▸ **EXERCISE**: Find the word "centre" in the data below and copy each line that holds it.

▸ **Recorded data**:
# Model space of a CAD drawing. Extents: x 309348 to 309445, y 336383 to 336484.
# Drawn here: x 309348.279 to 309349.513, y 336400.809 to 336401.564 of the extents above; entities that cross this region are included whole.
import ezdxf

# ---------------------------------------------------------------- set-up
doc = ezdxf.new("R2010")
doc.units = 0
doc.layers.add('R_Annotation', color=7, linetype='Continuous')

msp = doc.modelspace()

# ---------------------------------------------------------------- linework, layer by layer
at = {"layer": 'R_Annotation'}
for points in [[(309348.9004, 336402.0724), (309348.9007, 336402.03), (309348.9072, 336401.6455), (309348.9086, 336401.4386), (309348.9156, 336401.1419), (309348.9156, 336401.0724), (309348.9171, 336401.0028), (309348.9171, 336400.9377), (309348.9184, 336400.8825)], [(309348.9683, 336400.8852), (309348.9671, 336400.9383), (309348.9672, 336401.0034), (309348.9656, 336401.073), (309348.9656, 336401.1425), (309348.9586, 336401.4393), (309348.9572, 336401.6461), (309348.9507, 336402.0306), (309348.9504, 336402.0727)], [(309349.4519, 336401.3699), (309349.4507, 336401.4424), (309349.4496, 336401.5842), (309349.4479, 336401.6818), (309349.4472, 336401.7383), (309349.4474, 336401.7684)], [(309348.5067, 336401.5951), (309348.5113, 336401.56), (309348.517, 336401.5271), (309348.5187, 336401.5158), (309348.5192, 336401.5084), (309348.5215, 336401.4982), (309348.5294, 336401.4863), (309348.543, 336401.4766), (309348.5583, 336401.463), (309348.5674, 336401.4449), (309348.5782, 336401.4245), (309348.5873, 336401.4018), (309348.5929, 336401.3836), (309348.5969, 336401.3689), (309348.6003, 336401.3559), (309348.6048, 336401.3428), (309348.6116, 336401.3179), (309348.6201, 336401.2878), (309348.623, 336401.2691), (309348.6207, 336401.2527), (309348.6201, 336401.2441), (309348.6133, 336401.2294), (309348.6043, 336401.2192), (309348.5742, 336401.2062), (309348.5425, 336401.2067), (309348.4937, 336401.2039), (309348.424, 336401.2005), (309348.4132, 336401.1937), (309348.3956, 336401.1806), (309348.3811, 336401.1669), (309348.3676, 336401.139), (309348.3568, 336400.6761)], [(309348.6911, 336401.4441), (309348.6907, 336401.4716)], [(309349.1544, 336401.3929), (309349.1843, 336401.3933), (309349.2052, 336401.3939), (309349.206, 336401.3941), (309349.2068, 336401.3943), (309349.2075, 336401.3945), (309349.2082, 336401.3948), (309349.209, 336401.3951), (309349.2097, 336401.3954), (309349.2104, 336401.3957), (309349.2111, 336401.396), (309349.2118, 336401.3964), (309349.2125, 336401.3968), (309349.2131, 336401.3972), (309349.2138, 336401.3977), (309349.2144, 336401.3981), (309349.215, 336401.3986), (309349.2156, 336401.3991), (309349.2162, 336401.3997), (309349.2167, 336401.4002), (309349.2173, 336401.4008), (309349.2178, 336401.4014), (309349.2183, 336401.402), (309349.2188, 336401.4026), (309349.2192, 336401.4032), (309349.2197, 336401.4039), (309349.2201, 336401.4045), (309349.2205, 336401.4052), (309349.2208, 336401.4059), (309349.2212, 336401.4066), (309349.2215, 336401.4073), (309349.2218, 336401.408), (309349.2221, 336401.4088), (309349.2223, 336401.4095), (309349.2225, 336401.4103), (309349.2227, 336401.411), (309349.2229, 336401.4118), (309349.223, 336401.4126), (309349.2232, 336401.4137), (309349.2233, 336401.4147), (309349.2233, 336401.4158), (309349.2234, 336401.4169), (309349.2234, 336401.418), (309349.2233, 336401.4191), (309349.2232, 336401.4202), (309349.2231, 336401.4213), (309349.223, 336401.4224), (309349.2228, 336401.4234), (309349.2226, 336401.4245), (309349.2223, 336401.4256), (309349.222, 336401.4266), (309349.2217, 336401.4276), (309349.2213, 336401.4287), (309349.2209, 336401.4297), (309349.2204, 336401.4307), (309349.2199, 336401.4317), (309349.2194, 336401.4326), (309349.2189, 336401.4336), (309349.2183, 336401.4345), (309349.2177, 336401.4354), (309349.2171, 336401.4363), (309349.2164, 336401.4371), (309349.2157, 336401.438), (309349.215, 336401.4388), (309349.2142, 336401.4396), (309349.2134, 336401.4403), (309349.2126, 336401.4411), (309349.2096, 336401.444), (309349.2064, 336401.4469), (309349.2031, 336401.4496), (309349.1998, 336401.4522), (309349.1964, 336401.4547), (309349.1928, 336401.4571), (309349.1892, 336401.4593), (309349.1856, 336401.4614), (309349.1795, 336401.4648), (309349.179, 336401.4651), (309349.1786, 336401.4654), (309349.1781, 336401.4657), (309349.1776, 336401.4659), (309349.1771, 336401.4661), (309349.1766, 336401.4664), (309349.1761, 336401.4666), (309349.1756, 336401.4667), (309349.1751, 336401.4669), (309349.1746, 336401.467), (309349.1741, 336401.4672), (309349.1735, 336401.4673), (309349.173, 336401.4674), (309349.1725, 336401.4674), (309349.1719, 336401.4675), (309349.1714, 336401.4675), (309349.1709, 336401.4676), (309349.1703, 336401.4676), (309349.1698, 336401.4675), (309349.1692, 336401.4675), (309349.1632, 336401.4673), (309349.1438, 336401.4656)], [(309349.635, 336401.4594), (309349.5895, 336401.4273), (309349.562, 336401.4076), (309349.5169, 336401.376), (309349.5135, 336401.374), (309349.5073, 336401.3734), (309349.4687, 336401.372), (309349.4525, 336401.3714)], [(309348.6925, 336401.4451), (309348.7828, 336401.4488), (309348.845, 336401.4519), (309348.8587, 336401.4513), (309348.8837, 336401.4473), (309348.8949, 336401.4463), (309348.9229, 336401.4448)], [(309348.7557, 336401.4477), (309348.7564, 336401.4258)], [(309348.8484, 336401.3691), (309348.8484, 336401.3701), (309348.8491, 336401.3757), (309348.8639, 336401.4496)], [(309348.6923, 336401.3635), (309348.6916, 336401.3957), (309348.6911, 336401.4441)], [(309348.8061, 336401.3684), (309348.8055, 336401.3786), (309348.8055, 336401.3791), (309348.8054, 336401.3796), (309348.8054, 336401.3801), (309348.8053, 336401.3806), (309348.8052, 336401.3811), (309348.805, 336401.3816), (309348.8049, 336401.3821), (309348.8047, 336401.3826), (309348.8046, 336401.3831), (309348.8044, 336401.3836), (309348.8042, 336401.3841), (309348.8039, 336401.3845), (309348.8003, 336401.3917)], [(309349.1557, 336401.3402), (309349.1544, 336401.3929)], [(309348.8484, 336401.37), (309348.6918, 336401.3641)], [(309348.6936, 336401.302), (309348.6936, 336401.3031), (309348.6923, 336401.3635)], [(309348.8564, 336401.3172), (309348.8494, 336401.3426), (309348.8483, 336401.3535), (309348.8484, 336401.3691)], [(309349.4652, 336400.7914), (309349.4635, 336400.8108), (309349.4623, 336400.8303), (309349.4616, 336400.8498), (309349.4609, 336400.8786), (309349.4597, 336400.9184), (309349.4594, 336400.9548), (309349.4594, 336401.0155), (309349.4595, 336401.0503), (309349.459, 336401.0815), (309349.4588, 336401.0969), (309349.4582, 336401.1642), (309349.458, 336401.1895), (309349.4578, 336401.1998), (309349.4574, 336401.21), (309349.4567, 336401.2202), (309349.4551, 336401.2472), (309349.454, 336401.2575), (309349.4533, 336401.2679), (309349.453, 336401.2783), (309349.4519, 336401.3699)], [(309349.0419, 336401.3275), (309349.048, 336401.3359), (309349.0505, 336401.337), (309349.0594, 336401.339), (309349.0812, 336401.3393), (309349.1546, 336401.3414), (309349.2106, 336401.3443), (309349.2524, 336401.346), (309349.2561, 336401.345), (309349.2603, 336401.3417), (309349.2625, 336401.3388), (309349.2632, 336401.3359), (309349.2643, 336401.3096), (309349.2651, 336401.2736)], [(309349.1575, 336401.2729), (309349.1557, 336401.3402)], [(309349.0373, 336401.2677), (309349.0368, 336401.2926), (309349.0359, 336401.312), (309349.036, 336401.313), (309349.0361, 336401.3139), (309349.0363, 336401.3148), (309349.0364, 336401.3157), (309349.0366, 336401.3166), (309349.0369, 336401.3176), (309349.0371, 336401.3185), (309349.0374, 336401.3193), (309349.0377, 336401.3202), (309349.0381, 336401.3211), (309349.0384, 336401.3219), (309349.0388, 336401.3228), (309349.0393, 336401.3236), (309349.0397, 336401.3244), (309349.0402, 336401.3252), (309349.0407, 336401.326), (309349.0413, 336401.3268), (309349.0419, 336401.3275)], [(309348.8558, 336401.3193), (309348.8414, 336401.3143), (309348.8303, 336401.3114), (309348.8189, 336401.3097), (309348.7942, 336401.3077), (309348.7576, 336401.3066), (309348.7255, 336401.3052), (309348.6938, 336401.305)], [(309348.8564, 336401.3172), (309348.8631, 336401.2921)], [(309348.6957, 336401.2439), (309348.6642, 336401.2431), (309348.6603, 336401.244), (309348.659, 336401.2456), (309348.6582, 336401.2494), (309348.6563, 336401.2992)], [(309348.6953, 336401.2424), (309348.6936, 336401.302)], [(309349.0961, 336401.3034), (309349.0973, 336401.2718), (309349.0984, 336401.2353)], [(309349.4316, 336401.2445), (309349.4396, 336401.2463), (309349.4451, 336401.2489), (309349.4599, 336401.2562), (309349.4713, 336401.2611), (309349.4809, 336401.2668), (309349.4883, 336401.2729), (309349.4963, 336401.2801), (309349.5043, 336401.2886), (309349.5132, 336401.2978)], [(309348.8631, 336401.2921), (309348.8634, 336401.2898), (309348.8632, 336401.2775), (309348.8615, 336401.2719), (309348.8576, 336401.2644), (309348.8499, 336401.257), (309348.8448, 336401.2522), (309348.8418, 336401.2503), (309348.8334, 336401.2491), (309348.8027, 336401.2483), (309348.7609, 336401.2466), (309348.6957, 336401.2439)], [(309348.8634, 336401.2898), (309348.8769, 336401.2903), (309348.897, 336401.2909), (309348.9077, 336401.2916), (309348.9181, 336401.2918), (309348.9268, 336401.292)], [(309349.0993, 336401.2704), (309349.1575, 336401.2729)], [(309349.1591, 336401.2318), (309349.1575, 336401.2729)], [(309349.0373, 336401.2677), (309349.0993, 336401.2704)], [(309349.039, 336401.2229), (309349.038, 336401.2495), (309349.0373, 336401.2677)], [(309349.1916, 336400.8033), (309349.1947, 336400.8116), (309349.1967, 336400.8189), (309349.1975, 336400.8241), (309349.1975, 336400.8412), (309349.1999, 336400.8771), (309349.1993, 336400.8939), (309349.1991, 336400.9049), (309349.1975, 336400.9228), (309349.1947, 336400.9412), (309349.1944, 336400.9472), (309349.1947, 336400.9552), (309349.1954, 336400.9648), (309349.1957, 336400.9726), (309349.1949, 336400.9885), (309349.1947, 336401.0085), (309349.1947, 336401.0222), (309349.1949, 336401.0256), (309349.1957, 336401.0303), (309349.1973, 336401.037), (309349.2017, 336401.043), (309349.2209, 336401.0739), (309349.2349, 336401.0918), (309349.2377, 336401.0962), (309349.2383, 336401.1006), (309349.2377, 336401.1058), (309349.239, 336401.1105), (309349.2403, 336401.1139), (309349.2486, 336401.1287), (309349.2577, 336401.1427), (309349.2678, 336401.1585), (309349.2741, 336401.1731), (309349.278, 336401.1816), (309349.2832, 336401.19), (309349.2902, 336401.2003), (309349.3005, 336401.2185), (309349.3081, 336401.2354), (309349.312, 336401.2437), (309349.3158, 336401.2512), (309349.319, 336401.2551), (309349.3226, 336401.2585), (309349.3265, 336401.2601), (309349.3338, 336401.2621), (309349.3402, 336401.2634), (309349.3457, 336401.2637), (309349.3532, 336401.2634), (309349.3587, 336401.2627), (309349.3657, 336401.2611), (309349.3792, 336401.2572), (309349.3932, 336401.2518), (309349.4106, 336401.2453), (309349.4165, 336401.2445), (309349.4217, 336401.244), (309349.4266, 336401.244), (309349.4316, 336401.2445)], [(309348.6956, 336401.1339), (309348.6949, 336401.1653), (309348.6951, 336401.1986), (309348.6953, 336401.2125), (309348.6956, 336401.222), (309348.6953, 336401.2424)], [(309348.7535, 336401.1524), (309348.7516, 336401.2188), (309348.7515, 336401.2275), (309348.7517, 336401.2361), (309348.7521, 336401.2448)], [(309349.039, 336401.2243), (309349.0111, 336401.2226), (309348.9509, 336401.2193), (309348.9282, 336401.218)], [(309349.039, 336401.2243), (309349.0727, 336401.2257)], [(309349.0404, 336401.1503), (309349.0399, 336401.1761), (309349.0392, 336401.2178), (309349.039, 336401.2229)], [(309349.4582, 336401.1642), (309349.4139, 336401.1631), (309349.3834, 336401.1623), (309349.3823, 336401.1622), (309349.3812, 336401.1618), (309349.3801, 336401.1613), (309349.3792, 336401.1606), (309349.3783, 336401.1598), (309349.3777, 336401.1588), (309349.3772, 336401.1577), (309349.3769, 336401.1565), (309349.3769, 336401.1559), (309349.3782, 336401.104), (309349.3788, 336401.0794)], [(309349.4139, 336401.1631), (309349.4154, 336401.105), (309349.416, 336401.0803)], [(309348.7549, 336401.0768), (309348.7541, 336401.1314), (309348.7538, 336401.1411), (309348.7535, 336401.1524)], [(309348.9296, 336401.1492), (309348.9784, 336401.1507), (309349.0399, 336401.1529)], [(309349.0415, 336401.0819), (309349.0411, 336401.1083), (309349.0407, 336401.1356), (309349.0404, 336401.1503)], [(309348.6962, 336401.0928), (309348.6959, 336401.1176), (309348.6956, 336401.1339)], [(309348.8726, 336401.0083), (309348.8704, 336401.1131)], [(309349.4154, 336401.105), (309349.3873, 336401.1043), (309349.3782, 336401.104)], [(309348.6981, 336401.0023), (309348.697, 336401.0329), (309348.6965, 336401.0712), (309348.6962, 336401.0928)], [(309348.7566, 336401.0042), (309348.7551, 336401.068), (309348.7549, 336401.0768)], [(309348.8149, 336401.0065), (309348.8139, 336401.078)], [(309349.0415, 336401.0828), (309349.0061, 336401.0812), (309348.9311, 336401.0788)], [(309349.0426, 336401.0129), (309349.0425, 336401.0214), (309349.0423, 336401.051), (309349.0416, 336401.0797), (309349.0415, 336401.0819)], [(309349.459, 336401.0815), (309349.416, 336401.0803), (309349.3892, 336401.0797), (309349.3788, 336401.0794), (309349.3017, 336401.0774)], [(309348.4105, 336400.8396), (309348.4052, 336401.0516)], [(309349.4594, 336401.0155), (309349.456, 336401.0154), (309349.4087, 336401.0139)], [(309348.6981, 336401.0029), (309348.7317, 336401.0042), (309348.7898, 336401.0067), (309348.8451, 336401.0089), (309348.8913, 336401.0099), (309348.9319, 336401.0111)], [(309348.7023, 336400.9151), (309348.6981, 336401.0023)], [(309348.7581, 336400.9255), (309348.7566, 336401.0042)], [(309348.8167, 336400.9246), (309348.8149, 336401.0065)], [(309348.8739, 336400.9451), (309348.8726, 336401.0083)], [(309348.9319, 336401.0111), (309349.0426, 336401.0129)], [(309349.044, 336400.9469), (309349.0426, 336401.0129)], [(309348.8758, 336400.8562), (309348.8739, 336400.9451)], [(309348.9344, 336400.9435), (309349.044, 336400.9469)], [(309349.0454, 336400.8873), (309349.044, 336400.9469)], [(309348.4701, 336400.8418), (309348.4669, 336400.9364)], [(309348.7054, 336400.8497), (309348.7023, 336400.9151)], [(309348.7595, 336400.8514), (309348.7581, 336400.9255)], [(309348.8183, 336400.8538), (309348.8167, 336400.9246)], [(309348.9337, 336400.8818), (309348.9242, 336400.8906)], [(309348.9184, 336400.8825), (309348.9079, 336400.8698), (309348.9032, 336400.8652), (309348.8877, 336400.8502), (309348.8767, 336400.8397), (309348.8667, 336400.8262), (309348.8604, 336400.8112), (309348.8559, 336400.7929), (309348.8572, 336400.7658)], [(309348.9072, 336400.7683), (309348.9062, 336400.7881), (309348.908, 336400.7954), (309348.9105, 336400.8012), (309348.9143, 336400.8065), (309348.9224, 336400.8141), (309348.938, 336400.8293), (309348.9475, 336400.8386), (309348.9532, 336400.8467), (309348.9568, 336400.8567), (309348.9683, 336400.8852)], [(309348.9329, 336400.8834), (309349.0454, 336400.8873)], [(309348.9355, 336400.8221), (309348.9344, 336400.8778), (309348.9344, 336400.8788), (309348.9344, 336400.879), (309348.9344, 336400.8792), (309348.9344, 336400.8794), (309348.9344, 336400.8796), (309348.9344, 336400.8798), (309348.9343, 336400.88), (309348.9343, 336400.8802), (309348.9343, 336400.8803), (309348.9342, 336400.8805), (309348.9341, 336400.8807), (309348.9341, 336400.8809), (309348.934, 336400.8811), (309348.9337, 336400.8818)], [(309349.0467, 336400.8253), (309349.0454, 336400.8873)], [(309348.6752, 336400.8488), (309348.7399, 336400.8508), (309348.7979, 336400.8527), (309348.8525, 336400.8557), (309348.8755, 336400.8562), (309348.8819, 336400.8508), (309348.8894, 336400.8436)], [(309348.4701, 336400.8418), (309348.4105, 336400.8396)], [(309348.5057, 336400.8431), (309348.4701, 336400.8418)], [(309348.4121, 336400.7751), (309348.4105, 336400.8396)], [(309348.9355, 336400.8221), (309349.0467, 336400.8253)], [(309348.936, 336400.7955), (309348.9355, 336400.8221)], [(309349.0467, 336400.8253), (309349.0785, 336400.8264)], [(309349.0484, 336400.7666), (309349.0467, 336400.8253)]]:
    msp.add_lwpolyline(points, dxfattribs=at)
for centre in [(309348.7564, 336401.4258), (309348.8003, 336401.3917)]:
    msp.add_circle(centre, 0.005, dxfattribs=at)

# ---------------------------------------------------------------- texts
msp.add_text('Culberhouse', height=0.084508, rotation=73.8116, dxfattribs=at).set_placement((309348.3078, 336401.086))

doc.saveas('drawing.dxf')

▸ **WRITTEN RESPONSE**:
for centre in [(309348.7564, 336401.4258), (309348.8003, 336401.3917)]:
    msp.add_circle(centre, 0.005, dxfattribs=at)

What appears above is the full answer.